Work instruction =>
Return every line of the records, exact and in full, until you have returned the line with "#14883 = ORIENTED_EDGE", and include none of the pictures.

Given entries =>
────────────────────────────────────────

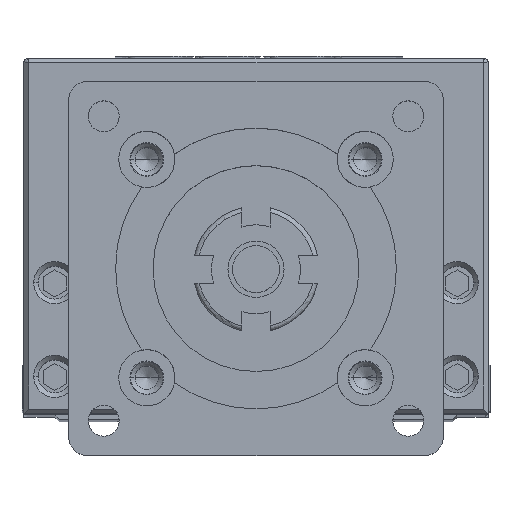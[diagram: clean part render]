
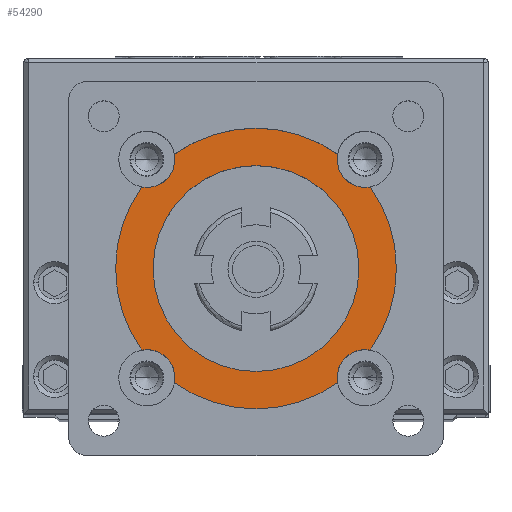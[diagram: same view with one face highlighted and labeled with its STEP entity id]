
A CAD part, top view. The second image highlights one B-rep face of the part: STEP entity #54290.
In plain terms, the highlighted planar face has unit normal (0, 0, 1).
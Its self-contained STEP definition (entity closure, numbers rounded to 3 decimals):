
#1268 = CARTESIAN_POINT ( 'NONE',  ( -12.208, -8.716, 5.5 ) ) ;
#1580 = CIRCLE ( 'NONE', #60881, 3. ) ;
#1631 = EDGE_CURVE ( 'NONE', #72986, #7012, #3225, .T. ) ;
#2119 = VERTEX_POINT ( 'NONE', #44359 ) ;
#2180 = CARTESIAN_POINT ( 'NONE',  ( 0., 0., 5.5 ) ) ;
#2615 = CARTESIAN_POINT ( 'NONE',  ( 11.667, 11.667, 5.5 ) ) ;
#2676 = CARTESIAN_POINT ( 'NONE',  ( 0., 0., 5.5 ) ) ;
#3225 = CIRCLE ( 'NONE', #49319, 3. ) ;
#3287 = CIRCLE ( 'NONE', #59923, 15. ) ;
#3616 = VERTEX_POINT ( 'NONE', #62602 ) ;
#4450 = DIRECTION ( 'NONE',  ( 1., 0., 0. ) ) ;
#4965 = CIRCLE ( 'NONE', #77564, 15. ) ;
#5048 = DIRECTION ( 'NONE',  ( 1., 0., 0. ) ) ;
#6915 = CARTESIAN_POINT ( 'NONE',  ( -11.667, 11.667, 5.5 ) ) ;
#7012 = VERTEX_POINT ( 'NONE', #43583 ) ;
#7227 = CARTESIAN_POINT ( 'NONE',  ( -11.667, -11.667, 5.5 ) ) ;
#7722 = CARTESIAN_POINT ( 'NONE',  ( 0., 0., 5.5 ) ) ;
#8181 = CARTESIAN_POINT ( 'NONE',  ( 8.716, -12.208, 5.5 ) ) ;
#8284 = CARTESIAN_POINT ( 'NONE',  ( 0., 0., 5.5 ) ) ;
#8398 = VERTEX_POINT ( 'NONE', #8181 ) ;
#8440 = CARTESIAN_POINT ( 'NONE',  ( -12.208, 8.716, 5.5 ) ) ;
#8623 = AXIS2_PLACEMENT_3D ( 'NONE', #2180, #64905, #34787 ) ;
#8764 = ORIENTED_EDGE ( 'NONE', *, *, #31117, .F. ) ;
#8998 = VERTEX_POINT ( 'NONE', #23148 ) ;
#9001 = CARTESIAN_POINT ( 'NONE',  ( -11., 0., 5.5 ) ) ;
#9070 = AXIS2_PLACEMENT_3D ( 'NONE', #62013, #50851, #5048 ) ;
#9722 = AXIS2_PLACEMENT_3D ( 'NONE', #66137, #22025, #28226 ) ;
#10427 = CIRCLE ( 'NONE', #9070, 3. ) ;
#10841 = AXIS2_PLACEMENT_3D ( 'NONE', #6915, #81667, #50234 ) ;
#11374 = ORIENTED_EDGE ( 'NONE', *, *, #58738, .T. ) ;
#11506 = EDGE_CURVE ( 'NONE', #8998, #79172, #4965, .T. ) ;
#11905 = CARTESIAN_POINT ( 'NONE',  ( -8.667, -11.667, 5.5 ) ) ;
#14131 = EDGE_CURVE ( 'NONE', #48001, #38194, #1580, .T. ) ;
#14226 = DIRECTION ( 'NONE',  ( 0., 0., 1. ) ) ;
#14880 = CIRCLE ( 'NONE', #33506, 3. ) ;
#14883 = ORIENTED_EDGE ( 'NONE', *, *, #40215, .F. ) ;
#15579 = EDGE_CURVE ( 'NONE', #42022, #76281, #14880, .T. ) ;
#15592 = AXIS2_PLACEMENT_3D ( 'NONE', #81325, #49884, #75539 ) ;
#15702 = ORIENTED_EDGE ( 'NONE', *, *, #15579, .F. ) ;
#16790 = ORIENTED_EDGE ( 'NONE', *, *, #33833, .T. ) ;
#17260 = CARTESIAN_POINT ( 'NONE',  ( 0., 0., 5.5 ) ) ;
#17484 = ORIENTED_EDGE ( 'NONE', *, *, #22218, .F. ) ;
#17647 = FACE_OUTER_BOUND ( 'NONE', #31993, .T. ) ;
#18379 = CARTESIAN_POINT ( 'NONE',  ( 8.716, 12.208, 5.5 ) ) ;
#18897 = DIRECTION ( 'NONE',  ( 1., 0., 0. ) ) ;
#20007 = AXIS2_PLACEMENT_3D ( 'NONE', #17260, #67633, #4450 ) ;
#22025 = DIRECTION ( 'NONE',  ( 0., 0., 1. ) ) ;
#22218 = EDGE_CURVE ( 'NONE', #76281, #41891, #51142, .T. ) ;
#22705 = EDGE_CURVE ( 'NONE', #48001, #2119, #34145, .T. ) ;
#23148 = CARTESIAN_POINT ( 'NONE',  ( 12.208, -8.716, 5.5 ) ) ;
#24459 = CARTESIAN_POINT ( 'NONE',  ( 12.208, 8.716, 5.5 ) ) ;
#24642 = ORIENTED_EDGE ( 'NONE', *, *, #22705, .T. ) ;
#25681 = ORIENTED_EDGE ( 'NONE', *, *, #45378, .T. ) ;
#27434 = EDGE_CURVE ( 'NONE', #44833, #32056, #64933, .T. ) ;
#28226 = DIRECTION ( 'NONE',  ( 1., 0., 0. ) ) ;
#28338 = DIRECTION ( 'NONE',  ( 0., 0., 1. ) ) ;
#30795 = DIRECTION ( 'NONE',  ( 1., 0., 0. ) ) ;
#31117 = EDGE_CURVE ( 'NONE', #3616, #8398, #71061, .T. ) ;
#31199 = DIRECTION ( 'NONE',  ( 0., 0., 1. ) ) ;
#31838 = ORIENTED_EDGE ( 'NONE', *, *, #14131, .F. ) ;
#31993 = EDGE_LOOP ( 'NONE', ( #14883, #54252, #25681, #33083, #31838, #24642, #69189, #49126, #11374, #17484, #15702, #16790, #8764 ) ) ;
#32056 = VERTEX_POINT ( 'NONE', #45139 ) ;
#33083 = ORIENTED_EDGE ( 'NONE', *, *, #81053, .F. ) ;
#33412 = CIRCLE ( 'NONE', #9722, 15. ) ;
#33468 = DIRECTION ( 'NONE',  ( 1., 0., 0. ) ) ;
#33506 = AXIS2_PLACEMENT_3D ( 'NONE', #7227, #31199, #30795 ) ;
#33531 = ORIENTED_EDGE ( 'NONE', *, *, #58892, .F. ) ;
#33833 = EDGE_CURVE ( 'NONE', #42022, #8398, #55569, .T. ) ;
#34145 = CIRCLE ( 'NONE', #80313, 15. ) ;
#34787 = DIRECTION ( 'NONE',  ( 1., 0., 0. ) ) ;
#38194 = VERTEX_POINT ( 'NONE', #75584 ) ;
#38540 = EDGE_CURVE ( 'NONE', #7012, #2119, #45104, .T. ) ;
#38671 = DIRECTION ( 'NONE',  ( 1., 0., 0. ) ) ;
#38763 = DIRECTION ( 'NONE',  ( 1., 0., 0. ) ) ;
#38938 = AXIS2_PLACEMENT_3D ( 'NONE', #68457, #50664, #18897 ) ;
#39384 = DIRECTION ( 'NONE',  ( 1., 0., 0. ) ) ;
#39582 = CARTESIAN_POINT ( 'NONE',  ( -11.667, 11.667, 5.5 ) ) ;
#39778 = DIRECTION ( 'NONE',  ( 1., 0., 0. ) ) ;
#40179 = CARTESIAN_POINT ( 'NONE',  ( 11.667, -11.667, 5.5 ) ) ;
#40215 = EDGE_CURVE ( 'NONE', #8998, #3616, #77217, .T. ) ;
#41709 = DIRECTION ( 'NONE',  ( 0., 0., 1. ) ) ;
#41891 = VERTEX_POINT ( 'NONE', #1268 ) ;
#42022 = VERTEX_POINT ( 'NONE', #73111 ) ;
#42827 = PLANE ( 'NONE',  #51710 ) ;
#43583 = CARTESIAN_POINT ( 'NONE',  ( -8.667, 11.667, 5.5 ) ) ;
#44160 = CIRCLE ( 'NONE', #8623, 11. ) ;
#44359 = CARTESIAN_POINT ( 'NONE',  ( -8.716, 12.208, 5.5 ) ) ;
#44453 = EDGE_LOOP ( 'NONE', ( #33531, #59503 ) ) ;
#44833 = VERTEX_POINT ( 'NONE', #9001 ) ;
#44859 = CARTESIAN_POINT ( 'NONE',  ( 0., 0., 5.5 ) ) ;
#45104 = CIRCLE ( 'NONE', #10841, 3. ) ;
#45139 = CARTESIAN_POINT ( 'NONE',  ( 11., 0., 5.5 ) ) ;
#45378 = EDGE_CURVE ( 'NONE', #79172, #70162, #33412, .T. ) ;
#46759 = DIRECTION ( 'NONE',  ( 0., 0., 1. ) ) ;
#47615 = DIRECTION ( 'NONE',  ( 0., 0., 1. ) ) ;
#48001 = VERTEX_POINT ( 'NONE', #18379 ) ;
#49126 = ORIENTED_EDGE ( 'NONE', *, *, #1631, .F. ) ;
#49319 = AXIS2_PLACEMENT_3D ( 'NONE', #39582, #65574, #38763 ) ;
#49884 = DIRECTION ( 'NONE',  ( 0., 0., 1. ) ) ;
#50234 = DIRECTION ( 'NONE',  ( 1., 0., 0. ) ) ;
#50664 = DIRECTION ( 'NONE',  ( 0., 0., 1. ) ) ;
#50851 = DIRECTION ( 'NONE',  ( 0., 0., 1. ) ) ;
#51142 = CIRCLE ( 'NONE', #15592, 3. ) ;
#51710 = AXIS2_PLACEMENT_3D ( 'NONE', #7722, #64245, #70893 ) ;
#52271 = DIRECTION ( 'NONE',  ( 0., 0., 1. ) ) ;
#54252 = ORIENTED_EDGE ( 'NONE', *, *, #11506, .T. ) ;
#54290 = ADVANCED_FACE ( 'NONE', ( #74291, #17647 ), #42827, .T. ) ;
#55569 = CIRCLE ( 'NONE', #20007, 15. ) ;
#58738 = EDGE_CURVE ( 'NONE', #72986, #41891, #3287, .T. ) ;
#58892 = EDGE_CURVE ( 'NONE', #32056, #44833, #44160, .T. ) ;
#59503 = ORIENTED_EDGE ( 'NONE', *, *, #27434, .F. ) ;
#59923 = AXIS2_PLACEMENT_3D ( 'NONE', #2676, #47615, #65832 ) ;
#60881 = AXIS2_PLACEMENT_3D ( 'NONE', #2615, #14226, #39384 ) ;
#62013 = CARTESIAN_POINT ( 'NONE',  ( 11.667, 11.667, 5.5 ) ) ;
#62602 = CARTESIAN_POINT ( 'NONE',  ( 8.667, -11.667, 5.5 ) ) ;
#64245 = DIRECTION ( 'NONE',  ( 0., 0., 1. ) ) ;
#64905 = DIRECTION ( 'NONE',  ( 0., 0., 1. ) ) ;
#64933 = CIRCLE ( 'NONE', #75545, 11. ) ;
#65574 = DIRECTION ( 'NONE',  ( 0., 0., 1. ) ) ;
#65832 = DIRECTION ( 'NONE',  ( 1., 0., 0. ) ) ;
#66137 = CARTESIAN_POINT ( 'NONE',  ( 0., 0., 5.5 ) ) ;
#67633 = DIRECTION ( 'NONE',  ( 0., 0., 1. ) ) ;
#68457 = CARTESIAN_POINT ( 'NONE',  ( 11.667, -11.667, 5.5 ) ) ;
#69189 = ORIENTED_EDGE ( 'NONE', *, *, #38540, .F. ) ;
#70162 = VERTEX_POINT ( 'NONE', #24459 ) ;
#70893 = DIRECTION ( 'NONE',  ( 1., 0., 0. ) ) ;
#70997 = AXIS2_PLACEMENT_3D ( 'NONE', #40179, #46759, #39778 ) ;
#71061 = CIRCLE ( 'NONE', #70997, 3. ) ;
#72505 = DIRECTION ( 'NONE',  ( 1., 0., 0. ) ) ;
#72986 = VERTEX_POINT ( 'NONE', #8440 ) ;
#73111 = CARTESIAN_POINT ( 'NONE',  ( -8.716, -12.208, 5.5 ) ) ;
#73347 = CARTESIAN_POINT ( 'NONE',  ( 15., 0., 5.5 ) ) ;
#74291 = FACE_BOUND ( 'NONE', #44453, .T. ) ;
#75539 = DIRECTION ( 'NONE',  ( 1., 0., 0. ) ) ;
#75545 = AXIS2_PLACEMENT_3D ( 'NONE', #8284, #41709, #33468 ) ;
#75584 = CARTESIAN_POINT ( 'NONE',  ( 8.667, 11.667, 5.5 ) ) ;
#76281 = VERTEX_POINT ( 'NONE', #11905 ) ;
#77217 = CIRCLE ( 'NONE', #38938, 3. ) ;
#77564 = AXIS2_PLACEMENT_3D ( 'NONE', #44859, #52271, #38671 ) ;
#78696 = CARTESIAN_POINT ( 'NONE',  ( 0., 0., 5.5 ) ) ;
#79172 = VERTEX_POINT ( 'NONE', #73347 ) ;
#80313 = AXIS2_PLACEMENT_3D ( 'NONE', #78696, #28338, #72505 ) ;
#81053 = EDGE_CURVE ( 'NONE', #38194, #70162, #10427, .T. ) ;
#81325 = CARTESIAN_POINT ( 'NONE',  ( -11.667, -11.667, 5.5 ) ) ;
#81667 = DIRECTION ( 'NONE',  ( 0., 0., 1. ) ) ;

────────────────────────────────────────

Your response =>
[diagram: clean part render]
[diagram: same view with one face highlighted and labeled with its STEP entity id]
A CAD part, top view. The second image highlights one B-rep face of the part: STEP entity #54290.
In plain terms, the highlighted planar face has unit normal (0, 0, 1).
Its self-contained STEP definition (entity closure, numbers rounded to 3 decimals):
#1268 = CARTESIAN_POINT ( 'NONE',  ( -12.208, -8.716, 5.5 ) ) ;
#1580 = CIRCLE ( 'NONE', #60881, 3. ) ;
#1631 = EDGE_CURVE ( 'NONE', #72986, #7012, #3225, .T. ) ;
#2119 = VERTEX_POINT ( 'NONE', #44359 ) ;
#2180 = CARTESIAN_POINT ( 'NONE',  ( 0., 0., 5.5 ) ) ;
#2615 = CARTESIAN_POINT ( 'NONE',  ( 11.667, 11.667, 5.5 ) ) ;
#2676 = CARTESIAN_POINT ( 'NONE',  ( 0., 0., 5.5 ) ) ;
#3225 = CIRCLE ( 'NONE', #49319, 3. ) ;
#3287 = CIRCLE ( 'NONE', #59923, 15. ) ;
#3616 = VERTEX_POINT ( 'NONE', #62602 ) ;
#4450 = DIRECTION ( 'NONE',  ( 1., 0., 0. ) ) ;
#4965 = CIRCLE ( 'NONE', #77564, 15. ) ;
#5048 = DIRECTION ( 'NONE',  ( 1., 0., 0. ) ) ;
#6915 = CARTESIAN_POINT ( 'NONE',  ( -11.667, 11.667, 5.5 ) ) ;
#7012 = VERTEX_POINT ( 'NONE', #43583 ) ;
#7227 = CARTESIAN_POINT ( 'NONE',  ( -11.667, -11.667, 5.5 ) ) ;
#7722 = CARTESIAN_POINT ( 'NONE',  ( 0., 0., 5.5 ) ) ;
#8181 = CARTESIAN_POINT ( 'NONE',  ( 8.716, -12.208, 5.5 ) ) ;
#8284 = CARTESIAN_POINT ( 'NONE',  ( 0., 0., 5.5 ) ) ;
#8398 = VERTEX_POINT ( 'NONE', #8181 ) ;
#8440 = CARTESIAN_POINT ( 'NONE',  ( -12.208, 8.716, 5.5 ) ) ;
#8623 = AXIS2_PLACEMENT_3D ( 'NONE', #2180, #64905, #34787 ) ;
#8764 = ORIENTED_EDGE ( 'NONE', *, *, #31117, .F. ) ;
#8998 = VERTEX_POINT ( 'NONE', #23148 ) ;
#9001 = CARTESIAN_POINT ( 'NONE',  ( -11., 0., 5.5 ) ) ;
#9070 = AXIS2_PLACEMENT_3D ( 'NONE', #62013, #50851, #5048 ) ;
#9722 = AXIS2_PLACEMENT_3D ( 'NONE', #66137, #22025, #28226 ) ;
#10427 = CIRCLE ( 'NONE', #9070, 3. ) ;
#10841 = AXIS2_PLACEMENT_3D ( 'NONE', #6915, #81667, #50234 ) ;
#11374 = ORIENTED_EDGE ( 'NONE', *, *, #58738, .T. ) ;
#11506 = EDGE_CURVE ( 'NONE', #8998, #79172, #4965, .T. ) ;
#11905 = CARTESIAN_POINT ( 'NONE',  ( -8.667, -11.667, 5.5 ) ) ;
#14131 = EDGE_CURVE ( 'NONE', #48001, #38194, #1580, .T. ) ;
#14226 = DIRECTION ( 'NONE',  ( 0., 0., 1. ) ) ;
#14880 = CIRCLE ( 'NONE', #33506, 3. ) ;
#14883 = ORIENTED_EDGE ( 'NONE', *, *, #40215, .F. ) ;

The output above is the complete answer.